Published:
2020-06-02
Proceedings:
Proceedings of the AAAI Conference on Artificial Intelligence, 34
Volume
Issue:
Vol. 34 No. 04: AAAI-20 Technical Tracks 4
Track:
AAAI Technical Track: Machine Learning
Downloads:
Abstract:
The needs of a business (e.g., hiring) may require the use of certain features that are critical in a way that any discrimination arising due to them should be exempted. In this work, we propose a novel information-theoretic decomposition of the total discrimination (in a counterfactual sense) into a non-exempt component, which quantifies the part of the discrimination that cannot be accounted for by the critical features, and an exempt component, which quantifies the remaining discrimination.

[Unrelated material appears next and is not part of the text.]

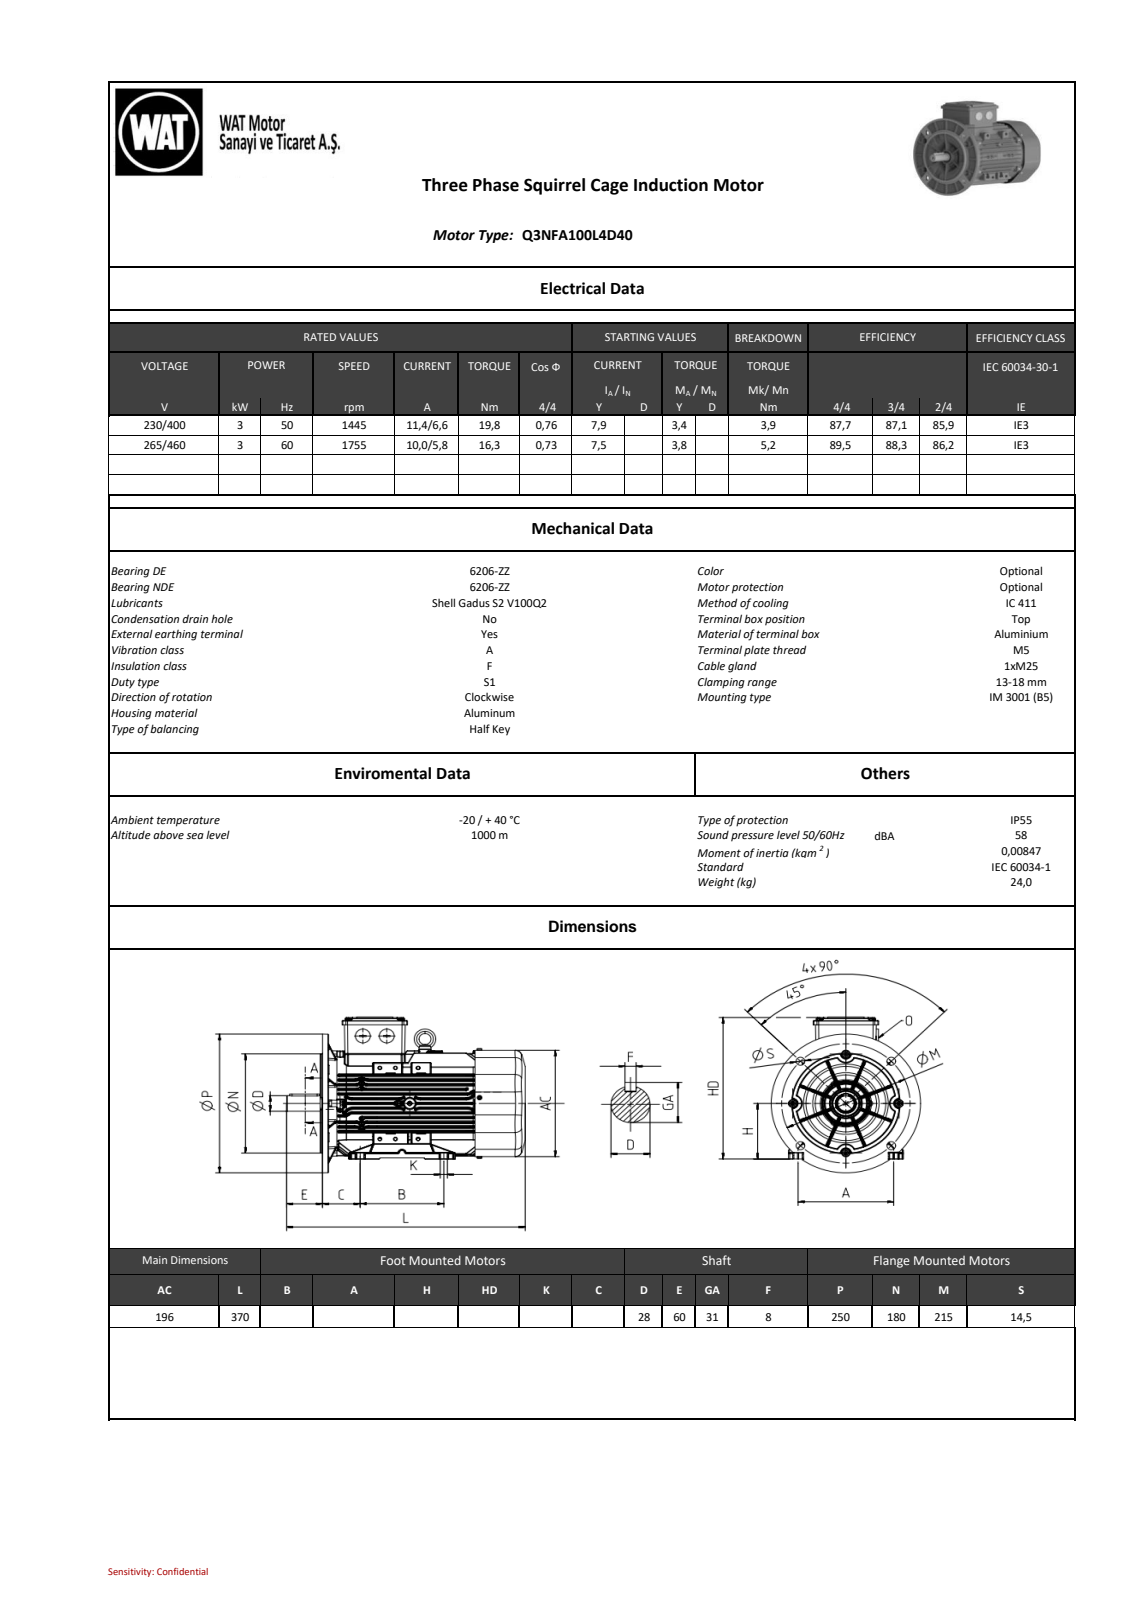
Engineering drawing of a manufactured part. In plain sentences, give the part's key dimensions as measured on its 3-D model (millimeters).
The part is named "C90127E0127Fj8s1". Its 3-D file was written by "SIEMENS PLM Software NX 11.0 (AUTOMOTIVE_DESIGN)". It is 0 solids with 15782 faces: 3329 planar, 5341 cylindrical and 7112 other. Overall it measures 370 by 254.96 by 248.92 millimeters. Round holes: 6 of diameter 5, 6 of diameter 6.5, 2 of diameter 2, 2 of diameter 2.5, 2 of diameter 3, 2 of diameter 12, 2 of diameter 25, 1 of diameter 4, 1 of diameter 8.5, 1 of diameter 10.5, 1 of diameter 28.6, 1 of diameter 32.94. Round bosses or shafts: 7 of diameter 8, 7 of diameter 4, 6 of diameter 11.8, 6 of diameter 10, 6 of diameter 6, 2 of diameter 35, 2 of diameter 27.8, 2 of diameter 25.25. Partial cylindrical surfaces (rounded edges, fillets, slot ends): 1761 of radius 0.5, 610 of radius 0.75, 458 of radius 0.8, 195 of radius 1, 144 of radius 0.25, 132 of radius 1.5, 99 of radius 4, 67 of radius 2. The main face-to-face distances are 0.8, 6, 2, 13.2, 14, 7.2, 41, 269, 296, 303.2. The hole center spacings are 92, 39, 96.14, 156.89, 184, 12.13, 14.13, 17.07.

Our decomposition enables selective removal of the non-exempt component if desired. We arrive at this decomposition through examples and counterexamples that enable us to first obtain a set of desirable properties that any measure of non-exempt discrimination should satisfy. We then demonstrate that our proposed quantification of non-exempt discrimination satisfies all of them. This decomposition leverages a body of work from information theory called Partial Information Decomposition (PID). We also obtain an impossibility result showing that no observational measure of non-exempt discrimination can satisfy all of the desired properties, which leads us to relax our goals and examine alternative observational measures that satisfy only some of these properties. We then perform a case study using one observational measure to show how one might train a model allowing for exemption of discrimination due to critical features.
DOI:
10.1609/aaai.v34i04.5794
AAAI
Vol. 34 No. 04: AAAI-20 Technical Tracks 4
ISSN 2374-3468 (Online) ISSN 2159-5399 (Print) ISBN 978-1-57735-835-0 (10 issue set)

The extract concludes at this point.